Serangan hacker sering menargetkan pengguna media sosial Indonesia.
Solopos.com, JAKARTA — Indonesia dengan populasi penduduk lebih dari 250 juta jiwa bukan hanya peluang manis buat para panjaja produk, tapi juga dilirik oleh penipu dunia maya. Bahkan para penipu Internet tersebut memanfaatkan berbagai peluang yang ada, termasuk menggunakan media sosial.
Director Systems Engineering ASEAN Symantec, Halim Santoso, mengatakan media sosial masih menjadi target idaman para peretas. Dalam data Internet Security Threat Report Symantec, Indonesia menduduki peringkat ke-45 di tingkat global dalam hal penipuan media sosial.
Sedangkan untuk wilayah Asia Pasifik dan Jepang, Indonesia menduduki peringkat ke-10. Salah satu faktor pendukung terjadinya hal tersebut adalah besarnya ketertarikan masyarakat terhadap media sosial.
Sedangkan untuk wilayah Asia Pasifik dan Jepang, Indonesia menduduki peringkat ke-10. Salah satu faktor pendukung terjadinya hal tersebut adalah besarnya ketertarikan masyarakat terhadap media sosial.
“Indonesia memiliki populasi online yang besar, terlebih lagi memiliki pengguna media sosial yang banyak. Sehingga mudah ditargetkan,” ungkap Halim seperti dikutip dari Liputan6.com, Rabu (20/4/2016).
Lebih lanjut, Indonesia ternyata menduduki posisi ke-13 di Asia Pasifik untuk serangan ransomware dengan 14 serangan setiap harinya. Para dalang di balik ransomware, meminta uang tebusan kepada pengguna yang komputernya terinfeksi oleh malware tersebut.
500 Juta Data Pribadi Dicuri
Jumlah data informasi pribadi yang dicuri atau hilang tahun lalu sampai setengah miliar lebih menurut perkiraan konservatif perusahaan keamanan siber global, Symantec.
“Kelompok serangan kriminal canggih kini menunjukkan rangkaian keahlian penyerang nation-state. Mereka memiliki sumber daya besar dan staf teknis yang sangat terampil dan efisien,” kata Halim Santoso, saat memaparkan laporan terbaru, seperti dikutip dari Antara, Rabu.
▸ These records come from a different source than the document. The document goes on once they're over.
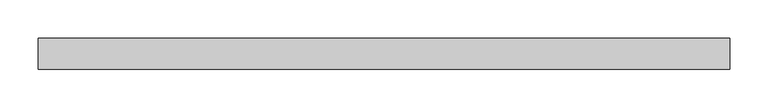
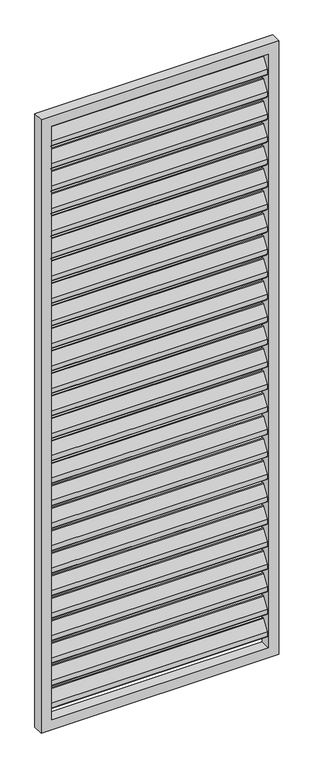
"""IFC4 building model written with IfcOpenShell, lengths in millimetres: proxy geometry."""

from ifc_helpers import new_model, si_unit, point, frame, frame_2d, origin, place, context, project, spatial, polyline, circle_curve, trimmed, segment, composite_curve, outline, extrude, source, transform, mapped, element, save


def generic_models_fa1a9668(model_context):
    return source(origin(), model_context, "Body", "SweptSolid", [
        extrude(outline(composite_curve([segment(trimmed(circle_curve(frame_2d((12.6675921, 2432.6587719)), 3.0), [point((10.1515804, 2434.292689))], [point((15.6675921, 2432.6587719))], False, "CARTESIAN"), True, "CONTINUOUS"), segment(polyline([(15.6675921, 2432.6587719), (15.6675921, 2414.2979873)]), True, "CONTINUOUS"), segment(trimmed(circle_curve(frame_2d((12.6675921, 2414.2979873)), 3.0), [point((15.6675921, 2414.2979873))], [point((15.1836038, 2412.6640702))], False, "CARTESIAN"), True, "CONTINUOUS"), segment(polyline([(15.1836038, 2412.6640702), (-8.8163962, 2375.707311)]), True, "CONTINUOUS"), segment(trimmed(circle_curve(frame_2d((-11.3324079, 2377.3412281)), 3.0), [point((-8.8163962, 2375.707311))], [point((-14.3324079, 2377.3412281))], False, "CARTESIAN"), True, "CONTINUOUS"), segment(polyline([(-14.3324079, 2377.3412281), (-14.3324079, 2396.5906532), (10.1515804, 2434.292689)]), True, "CONTINUOUS")], self_intersect=False)), frame((-410.0, 0.0, 0.0), z_axis=(1.0, 0.0, 0.0), x_axis=(0.0, 1.0, 0.0)), (0.0, 0.0, 1.0), 820.0),
        extrude(outline(composite_curve([segment(trimmed(circle_curve(frame_2d((12.6675921, 2342.6587719)), 3.0), [point((10.1515804, 2344.292689))], [point((15.6675921, 2342.6587719))], False, "CARTESIAN"), True, "CONTINUOUS"), segment(polyline([(15.6675921, 2342.6587719), (15.6675921, 2324.2979873)]), True, "CONTINUOUS"), segment(trimmed(circle_curve(frame_2d((12.6675921, 2324.2979873)), 3.0), [point((15.6675921, 2324.2979873))], [point((15.1836038, 2322.6640702))], False, "CARTESIAN"), True, "CONTINUOUS"), segment(polyline([(15.1836038, 2322.6640702), (-8.8163962, 2285.707311)]), True, "CONTINUOUS"), segment(trimmed(circle_curve(frame_2d((-11.3324079, 2287.3412281)), 3.0), [point((-8.8163962, 2285.707311))], [point((-14.3324079, 2287.3412281))], False, "CARTESIAN"), True, "CONTINUOUS"), segment(polyline([(-14.3324079, 2287.3412281), (-14.3324079, 2306.5906532), (10.1515804, 2344.292689)]), True, "CONTINUOUS")], self_intersect=False)), frame((-410.0, 0.0, 0.0), z_axis=(1.0, 0.0, 0.0), x_axis=(0.0, 1.0, 0.0)), (0.0, 0.0, 1.0), 820.0),
        extrude(outline(composite_curve([segment(trimmed(circle_curve(frame_2d((12.6675921, 2252.6587719)), 3.0), [point((10.1515804, 2254.292689))], [point((15.6675921, 2252.6587719))], False, "CARTESIAN"), True, "CONTINUOUS"), segment(polyline([(15.6675921, 2252.6587719), (15.6675921, 2234.2979873)]), True, "CONTINUOUS"), segment(trimmed(circle_curve(frame_2d((12.6675921, 2234.2979873)), 3.0), [point((15.6675921, 2234.2979873))], [point((15.1836038, 2232.6640702))], False, "CARTESIAN"), True, "CONTINUOUS"), segment(polyline([(15.1836038, 2232.6640702), (-8.8163962, 2195.707311)]), True, "CONTINUOUS"), segment(trimmed(circle_curve(frame_2d((-11.3324079, 2197.3412281)), 3.0), [point((-8.8163962, 2195.707311))], [point((-14.3324079, 2197.3412281))], False, "CARTESIAN"), True, "CONTINUOUS"), segment(polyline([(-14.3324079, 2197.3412281), (-14.3324079, 2216.5906532), (10.1515804, 2254.292689)]), True, "CONTINUOUS")], self_intersect=False)), frame((-410.0, 0.0, 0.0), z_axis=(1.0, 0.0, 0.0), x_axis=(0.0, 1.0, 0.0)), (0.0, 0.0, 1.0), 820.0),
        extrude(outline(composite_curve([segment(trimmed(circle_curve(frame_2d((12.6675921, 2162.6587719)), 3.0), [point((10.1515804, 2164.292689))], [point((15.6675921, 2162.6587719))], False, "CARTESIAN"), True, "CONTINUOUS"), segment(polyline([(15.6675921, 2162.6587719), (15.6675921, 2144.2979873)]), True, "CONTINUOUS"), segment(trimmed(circle_curve(frame_2d((12.6675921, 2144.2979873)), 3.0), [point((15.6675921, 2144.2979873))], [point((15.1836038, 2142.6640702))], False, "CARTESIAN"), True, "CONTINUOUS"), segment(polyline([(15.1836038, 2142.6640702), (-8.8163962, 2105.707311)]), True, "CONTINUOUS"), segment(trimmed(circle_curve(frame_2d((-11.3324079, 2107.3412281)), 3.0), [point((-8.8163962, 2105.707311))], [point((-14.3324079, 2107.3412281))], False, "CARTESIAN"), True, "CONTINUOUS"), segment(polyline([(-14.3324079, 2107.3412281), (-14.3324079, 2126.5906532), (10.1515804, 2164.292689)]), True, "CONTINUOUS")], self_intersect=False)), frame((-410.0, 0.0, 0.0), z_axis=(1.0, 0.0, 0.0), x_axis=(0.0, 1.0, 0.0)), (0.0, 0.0, 1.0), 820.0),
        extrude(outline(composite_curve([segment(trimmed(circle_curve(frame_2d((12.6675921, 2072.6587719)), 3.0), [point((10.1515804, 2074.292689))], [point((15.6675921, 2072.6587719))], False, "CARTESIAN"), True, "CONTINUOUS"), segment(polyline([(15.6675921, 2072.6587719), (15.6675921, 2054.2979873)]), True, "CONTINUOUS"), segment(trimmed(circle_curve(frame_2d((12.6675921, 2054.2979873)), 3.0), [point((15.6675921, 2054.2979873))], [point((15.1836038, 2052.6640702))], False, "CARTESIAN"), True, "CONTINUOUS"), segment(polyline([(15.1836038, 2052.6640702), (-8.8163962, 2015.707311)]), True, "CONTINUOUS"), segment(trimmed(circle_curve(frame_2d((-11.3324079, 2017.3412281)), 3.0), [point((-8.8163962, 2015.707311))], [point((-14.3324079, 2017.3412281))], False, "CARTESIAN"), True, "CONTINUOUS"), segment(polyline([(-14.3324079, 2017.3412281), (-14.3324079, 2036.5906532), (10.1515804, 2074.292689)]), True, "CONTINUOUS")], self_intersect=False)), frame((-410.0, 0.0, 0.0), z_axis=(1.0, 0.0, 0.0), x_axis=(0.0, 1.0, 0.0)), (0.0, 0.0, 1.0), 820.0),
        extrude(outline(composite_curve([segment(trimmed(circle_curve(frame_2d((12.6675921, 1982.6587719)), 3.0), [point((10.1515804, 1984.292689))], [point((15.6675921, 1982.6587719))], False, "CARTESIAN"), True, "CONTINUOUS"), segment(polyline([(15.6675921, 1982.6587719), (15.6675921, 1964.2979873)]), True, "CONTINUOUS"), segment(trimmed(circle_curve(frame_2d((12.6675921, 1964.2979873)), 3.0), [point((15.6675921, 1964.2979873))], [point((15.1836038, 1962.6640702))], False, "CARTESIAN"), True, "CONTINUOUS"), segment(polyline([(15.1836038, 1962.6640702), (-8.8163962, 1925.707311)]), True, "CONTINUOUS"), segment(trimmed(circle_curve(frame_2d((-11.3324079, 1927.3412281)), 3.0), [point((-8.8163962, 1925.707311))], [point((-14.3324079, 1927.3412281))], False, "CARTESIAN"), True, "CONTINUOUS"), segment(polyline([(-14.3324079, 1927.3412281), (-14.3324079, 1946.5906532), (10.1515804, 1984.292689)]), True, "CONTINUOUS")], self_intersect=False)), frame((-410.0, 0.0, 0.0), z_axis=(1.0, 0.0, 0.0), x_axis=(0.0, 1.0, 0.0)), (0.0, 0.0, 1.0), 820.0),
        extrude(outline(composite_curve([segment(trimmed(circle_curve(frame_2d((12.6675921, 1892.6587719)), 3.0), [point((10.1515804, 1894.292689))], [point((15.6675921, 1892.6587719))], False, "CARTESIAN"), True, "CONTINUOUS"), segment(polyline([(15.6675921, 1892.6587719), (15.6675921, 1874.2979873)]), True, "CONTINUOUS"), segment(trimmed(circle_curve(frame_2d((12.6675921, 1874.2979873)), 3.0), [point((15.6675921, 1874.2979873))], [point((15.1836038, 1872.6640702))], False, "CARTESIAN"), True, "CONTINUOUS"), segment(polyline([(15.1836038, 1872.6640702), (-8.8163962, 1835.707311)]), True, "CONTINUOUS"), segment(trimmed(circle_curve(frame_2d((-11.3324079, 1837.3412281)), 3.0), [point((-8.8163962, 1835.707311))], [point((-14.3324079, 1837.3412281))], False, "CARTESIAN"), True, "CONTINUOUS"), segment(polyline([(-14.3324079, 1837.3412281), (-14.3324079, 1856.5906532), (10.1515804, 1894.292689)]), True, "CONTINUOUS")], self_intersect=False)), frame((-410.0, 0.0, 0.0), z_axis=(1.0, 0.0, 0.0), x_axis=(0.0, 1.0, 0.0)), (0.0, 0.0, 1.0), 820.0),
        extrude(outline(composite_curve([segment(trimmed(circle_curve(frame_2d((12.6675921, 1802.6587719)), 3.0), [point((10.1515804, 1804.292689))], [point((15.6675921, 1802.6587719))], False, "CARTESIAN"), True, "CONTINUOUS"), segment(polyline([(15.6675921, 1802.6587719), (15.6675921, 1784.2979873)]), True, "CONTINUOUS"), segment(trimmed(circle_curve(frame_2d((12.6675921, 1784.2979873)), 3.0), [point((15.6675921, 1784.2979873))], [point((15.1836038, 1782.6640702))], False, "CARTESIAN"), True, "CONTINUOUS"), segment(polyline([(15.1836038, 1782.6640702), (-8.8163962, 1745.707311)]), True, "CONTINUOUS"), segment(trimmed(circle_curve(frame_2d((-11.3324079, 1747.3412281)), 3.0), [point((-8.8163962, 1745.707311))], [point((-14.3324079, 1747.3412281))], False, "CARTESIAN"), True, "CONTINUOUS"), segment(polyline([(-14.3324079, 1747.3412281), (-14.3324079, 1766.5906532), (10.1515804, 1804.292689)]), True, "CONTINUOUS")], self_intersect=False)), frame((-410.0, 0.0, 0.0), z_axis=(1.0, 0.0, 0.0), x_axis=(0.0, 1.0, 0.0)), (0.0, 0.0, 1.0), 820.0),
        extrude(outline(composite_curve([segment(trimmed(circle_curve(frame_2d((12.6675921, 1712.6587719)), 3.0), [point((10.1515804, 1714.292689))], [point((15.6675921, 1712.6587719))], False, "CARTESIAN"), True, "CONTINUOUS"), segment(polyline([(15.6675921, 1712.6587719), (15.6675921, 1694.2979873)]), True, "CONTINUOUS"), segment(trimmed(circle_curve(frame_2d((12.6675921, 1694.2979873)), 3.0), [point((15.6675921, 1694.2979873))], [point((15.1836038, 1692.6640702))], False, "CARTESIAN"), True, "CONTINUOUS"), segment(polyline([(15.1836038, 1692.6640702), (-8.8163962, 1655.707311)]), True, "CONTINUOUS"), segment(trimmed(circle_curve(frame_2d((-11.3324079, 1657.3412281)), 3.0), [point((-8.8163962, 1655.707311))], [point((-14.3324079, 1657.3412281))], False, "CARTESIAN"), True, "CONTINUOUS"), segment(polyline([(-14.3324079, 1657.3412281), (-14.3324079, 1676.5906532), (10.1515804, 1714.292689)]), True, "CONTINUOUS")], self_intersect=False)), frame((-410.0, 0.0, 0.0), z_axis=(1.0, 0.0, 0.0), x_axis=(0.0, 1.0, 0.0)), (0.0, 0.0, 1.0), 820.0),
        extrude(outline(composite_curve([segment(trimmed(circle_curve(frame_2d((12.6675921, 1622.6587719)), 3.0), [point((10.1515804, 1624.292689))], [point((15.6675921, 1622.6587719))], False, "CARTESIAN"), True, "CONTINUOUS"), segment(polyline([(15.6675921, 1622.6587719), (15.6675921, 1604.2979873)]), True, "CONTINUOUS"), segment(trimmed(circle_curve(frame_2d((12.6675921, 1604.2979873)), 3.0), [point((15.6675921, 1604.2979873))], [point((15.1836038, 1602.6640702))], False, "CARTESIAN"), True, "CONTINUOUS"), segment(polyline([(15.1836038, 1602.6640702), (-8.8163962, 1565.707311)]), True, "CONTINUOUS"), segment(trimmed(circle_curve(frame_2d((-11.3324079, 1567.3412281)), 3.0), [point((-8.8163962, 1565.707311))], [point((-14.3324079, 1567.3412281))], False, "CARTESIAN"), True, "CONTINUOUS"), segment(polyline([(-14.3324079, 1567.3412281), (-14.3324079, 1586.5906532), (10.1515804, 1624.292689)]), True, "CONTINUOUS")], self_intersect=False)), frame((-410.0, 0.0, 0.0), z_axis=(1.0, 0.0, 0.0), x_axis=(0.0, 1.0, 0.0)), (0.0, 0.0, 1.0), 820.0),
        extrude(outline(composite_curve([segment(trimmed(circle_curve(frame_2d((12.6675921, 1532.6587719)), 3.0), [point((10.1515804, 1534.292689))], [point((15.6675921, 1532.6587719))], False, "CARTESIAN"), True, "CONTINUOUS"), segment(polyline([(15.6675921, 1532.6587719), (15.6675921, 1514.2979873)]), True, "CONTINUOUS"), segment(trimmed(circle_curve(frame_2d((12.6675921, 1514.2979873)), 3.0), [point((15.6675921, 1514.2979873))], [point((15.1836038, 1512.6640702))], False, "CARTESIAN"), True, "CONTINUOUS"), segment(polyline([(15.1836038, 1512.6640702), (-8.8163962, 1475.707311)]), True, "CONTINUOUS"), segment(trimmed(circle_curve(frame_2d((-11.3324079, 1477.3412281)), 3.0), [point((-8.8163962, 1475.707311))], [point((-14.3324079, 1477.3412281))], False, "CARTESIAN"), True, "CONTINUOUS"), segment(polyline([(-14.3324079, 1477.3412281), (-14.3324079, 1496.5906532), (10.1515804, 1534.292689)]), True, "CONTINUOUS")], self_intersect=False)), frame((-410.0, 0.0, 0.0), z_axis=(1.0, 0.0, 0.0), x_axis=(0.0, 1.0, 0.0)), (0.0, 0.0, 1.0), 820.0),
        extrude(outline(composite_curve([segment(trimmed(circle_curve(frame_2d((12.6675921, 1442.6587719)), 3.0), [point((10.1515804, 1444.292689))], [point((15.6675921, 1442.6587719))], False, "CARTESIAN"), True, "CONTINUOUS"), segment(polyline([(15.6675921, 1442.6587719), (15.6675921, 1424.2979873)]), True, "CONTINUOUS"), segment(trimmed(circle_curve(frame_2d((12.6675921, 1424.2979873)), 3.0), [point((15.6675921, 1424.2979873))], [point((15.1836038, 1422.6640702))], False, "CARTESIAN"), True, "CONTINUOUS"), segment(polyline([(15.1836038, 1422.6640702), (-8.8163962, 1385.707311)]), True, "CONTINUOUS"), segment(trimmed(circle_curve(frame_2d((-11.3324079, 1387.3412281)), 3.0), [point((-8.8163962, 1385.707311))], [point((-14.3324079, 1387.3412281))], False, "CARTESIAN"), True, "CONTINUOUS"), segment(polyline([(-14.3324079, 1387.3412281), (-14.3324079, 1406.5906532), (10.1515804, 1444.292689)]), True, "CONTINUOUS")], self_intersect=False)), frame((-410.0, 0.0, 0.0), z_axis=(1.0, 0.0, 0.0), x_axis=(0.0, 1.0, 0.0)), (0.0, 0.0, 1.0), 820.0),
        extrude(outline(composite_curve([segment(trimmed(circle_curve(frame_2d((12.6675921, 1352.6587719)), 3.0), [point((10.1515804, 1354.292689))], [point((15.6675921, 1352.6587719))], False, "CARTESIAN"), True, "CONTINUOUS"), segment(polyline([(15.6675921, 1352.6587719), (15.6675921, 1334.2979873)]), True, "CONTINUOUS"), segment(trimmed(circle_curve(frame_2d((12.6675921, 1334.2979873)), 3.0), [point((15.6675921, 1334.2979873))], [point((15.1836038, 1332.6640702))], False, "CARTESIAN"), True, "CONTINUOUS"), segment(polyline([(15.1836038, 1332.6640702), (-8.8163962, 1295.707311)]), True, "CONTINUOUS"), segment(trimmed(circle_curve(frame_2d((-11.3324079, 1297.3412281)), 3.0), [point((-8.8163962, 1295.707311))], [point((-14.3324079, 1297.3412281))], False, "CARTESIAN"), True, "CONTINUOUS"), segment(polyline([(-14.3324079, 1297.3412281), (-14.3324079, 1316.5906532), (10.1515804, 1354.292689)]), True, "CONTINUOUS")], self_intersect=False)), frame((-410.0, 0.0, 0.0), z_axis=(1.0, 0.0, 0.0), x_axis=(0.0, 1.0, 0.0)), (0.0, 0.0, 1.0), 820.0),
        extrude(outline(composite_curve([segment(trimmed(circle_curve(frame_2d((12.6675921, 1262.6587719)), 3.0), [point((10.1515804, 1264.292689))], [point((15.6675921, 1262.6587719))], False, "CARTESIAN"), True, "CONTINUOUS"), segment(polyline([(15.6675921, 1262.6587719), (15.6675921, 1244.2979873)]), True, "CONTINUOUS"), segment(trimmed(circle_curve(frame_2d((12.6675921, 1244.2979873)), 3.0), [point((15.6675921, 1244.2979873))], [point((15.1836038, 1242.6640702))], False, "CARTESIAN"), True, "CONTINUOUS"), segment(polyline([(15.1836038, 1242.6640702), (-8.8163962, 1205.707311)]), True, "CONTINUOUS"), segment(trimmed(circle_curve(frame_2d((-11.3324079, 1207.3412281)), 3.0), [point((-8.8163962, 1205.707311))], [point((-14.3324079, 1207.3412281))], False, "CARTESIAN"), True, "CONTINUOUS"), segment(polyline([(-14.3324079, 1207.3412281), (-14.3324079, 1226.5906532), (10.1515804, 1264.292689)]), True, "CONTINUOUS")], self_intersect=False)), frame((-410.0, 0.0, 0.0), z_axis=(1.0, 0.0, 0.0), x_axis=(0.0, 1.0, 0.0)), (0.0, 0.0, 1.0), 820.0),
        extrude(outline(composite_curve([segment(trimmed(circle_curve(frame_2d((12.6675921, 1172.6587719)), 3.0), [point((10.1515804, 1174.292689))], [point((15.6675921, 1172.6587719))], False, "CARTESIAN"), True, "CONTINUOUS"), segment(polyline([(15.6675921, 1172.6587719), (15.6675921, 1154.2979873)]), True, "CONTINUOUS"), segment(trimmed(circle_curve(frame_2d((12.6675921, 1154.2979873)), 3.0), [point((15.6675921, 1154.2979873))], [point((15.1836038, 1152.6640702))], False, "CARTESIAN"), True, "CONTINUOUS"), segment(polyline([(15.1836038, 1152.6640702), (-8.8163962, 1115.707311)]), True, "CONTINUOUS"), segment(trimmed(circle_curve(frame_2d((-11.3324079, 1117.3412281)), 3.0), [point((-8.8163962, 1115.707311))], [point((-14.3324079, 1117.3412281))], False, "CARTESIAN"), True, "CONTINUOUS"), segment(polyline([(-14.3324079, 1117.3412281), (-14.3324079, 1136.5906532), (10.1515804, 1174.292689)]), True, "CONTINUOUS")], self_intersect=False)), frame((-410.0, 0.0, 0.0), z_axis=(1.0, 0.0, 0.0), x_axis=(0.0, 1.0, 0.0)), (0.0, 0.0, 1.0), 820.0),
        extrude(outline(composite_curve([segment(trimmed(circle_curve(frame_2d((12.6675921, 1082.6587719)), 3.0), [point((10.1515804, 1084.292689))], [point((15.6675921, 1082.6587719))], False, "CARTESIAN"), True, "CONTINUOUS"), segment(polyline([(15.6675921, 1082.6587719), (15.6675921, 1064.2979873)]), True, "CONTINUOUS"), segment(trimmed(circle_curve(frame_2d((12.6675921, 1064.2979873)), 3.0), [point((15.6675921, 1064.2979873))], [point((15.1836038, 1062.6640702))], False, "CARTESIAN"), True, "CONTINUOUS"), segment(polyline([(15.1836038, 1062.6640702), (-8.8163962, 1025.707311)]), True, "CONTINUOUS"), segment(trimmed(circle_curve(frame_2d((-11.3324079, 1027.3412281)), 3.0), [point((-8.8163962, 1025.707311))], [point((-14.3324079, 1027.3412281))], False, "CARTESIAN"), True, "CONTINUOUS"), segment(polyline([(-14.3324079, 1027.3412281), (-14.3324079, 1046.5906532), (10.1515804, 1084.292689)]), True, "CONTINUOUS")], self_intersect=False)), frame((-410.0, 0.0, 0.0), z_axis=(1.0, 0.0, 0.0), x_axis=(0.0, 1.0, 0.0)), (0.0, 0.0, 1.0), 820.0),
        extrude(outline(composite_curve([segment(trimmed(circle_curve(frame_2d((12.6675921, 992.6587719)), 3.0), [point((10.1515804, 994.292689))], [point((15.6675921, 992.6587719))], False, "CARTESIAN"), True, "CONTINUOUS"), segment(polyline([(15.6675921, 992.6587719), (15.6675921, 974.2979873)]), True, "CONTINUOUS"), segment(trimmed(circle_curve(frame_2d((12.6675921, 974.2979873)), 3.0), [point((15.6675921, 974.2979873))], [point((15.1836038, 972.6640702))], False, "CARTESIAN"), True, "CONTINUOUS"), segment(polyline([(15.1836038, 972.6640702), (-8.8163962, 935.707311)]), True, "CONTINUOUS"), segment(trimmed(circle_curve(frame_2d((-11.3324079, 937.3412281)), 3.0), [point((-8.8163962, 935.707311))], [point((-14.3324079, 937.3412281))], False, "CARTESIAN"), True, "CONTINUOUS"), segment(polyline([(-14.3324079, 937.3412281), (-14.3324079, 956.5906532), (10.1515804, 994.292689)]), True, "CONTINUOUS")], self_intersect=False)), frame((-410.0, 0.0, 0.0), z_axis=(1.0, 0.0, 0.0), x_axis=(0.0, 1.0, 0.0)), (0.0, 0.0, 1.0), 820.0),
        extrude(outline(composite_curve([segment(trimmed(circle_curve(frame_2d((12.6675921, 902.6587719)), 3.0), [point((10.1515804, 904.292689))], [point((15.6675921, 902.6587719))], False, "CARTESIAN"), True, "CONTINUOUS"), segment(polyline([(15.6675921, 902.6587719), (15.6675921, 884.2979873)]), True, "CONTINUOUS"), segment(trimmed(circle_curve(frame_2d((12.6675921, 884.2979873)), 3.0), [point((15.6675921, 884.2979873))], [point((15.1836038, 882.6640702))], False, "CARTESIAN"), True, "CONTINUOUS"), segment(polyline([(15.1836038, 882.6640702), (-8.8163962, 845.707311)]), True, "CONTINUOUS"), segment(trimmed(circle_curve(frame_2d((-11.3324079, 847.3412281)), 3.0), [point((-8.8163962, 845.707311))], [point((-14.3324079, 847.3412281))], False, "CARTESIAN"), True, "CONTINUOUS"), segment(polyline([(-14.3324079, 847.3412281), (-14.3324079, 866.5906532), (10.1515804, 904.292689)]), True, "CONTINUOUS")], self_intersect=False)), frame((-410.0, 0.0, 0.0), z_axis=(1.0, 0.0, 0.0), x_axis=(0.0, 1.0, 0.0)), (0.0, 0.0, 1.0), 820.0),
        extrude(outline(composite_curve([segment(trimmed(circle_curve(frame_2d((12.6675921, 812.6587719)), 3.0), [point((10.1515804, 814.292689))], [point((15.6675921, 812.6587719))], False, "CARTESIAN"), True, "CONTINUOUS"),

Perkiraan jumlah data yang hilang didapat saat 429 juta identitas terekspos, dan perusahaan yang memilih untuk tidak melaporkan jumlah datanya yang hilang melonjak 85%. “Meningkatnya jumlah perusahaaan yang memilih untuk menahan rincian penting setelah pelanggaran terjadi adalah tren yang meresahkan,” ujar Halim.
Menurut laporan ancaman keamanan Internet dari perusahaan keamanan itu, para penyerang mengadopsi praktik-praktik terbaik dan membangun bisnis profesional guna meningkatkan efisiensi serangan terhadap perusahaan dan konsumen. “Kami bahkan melihat para penyerang kriminal tingkat rendah membuat call center untuk meningkatkan dampak penipuan,” kata Halim.
Kelas baru penjahat siber profesional, menurut dia, memperluas jangkauan ancaman terhadap perusahaan dan konsumen, serta memicu pertumbuhan kejahatan daring.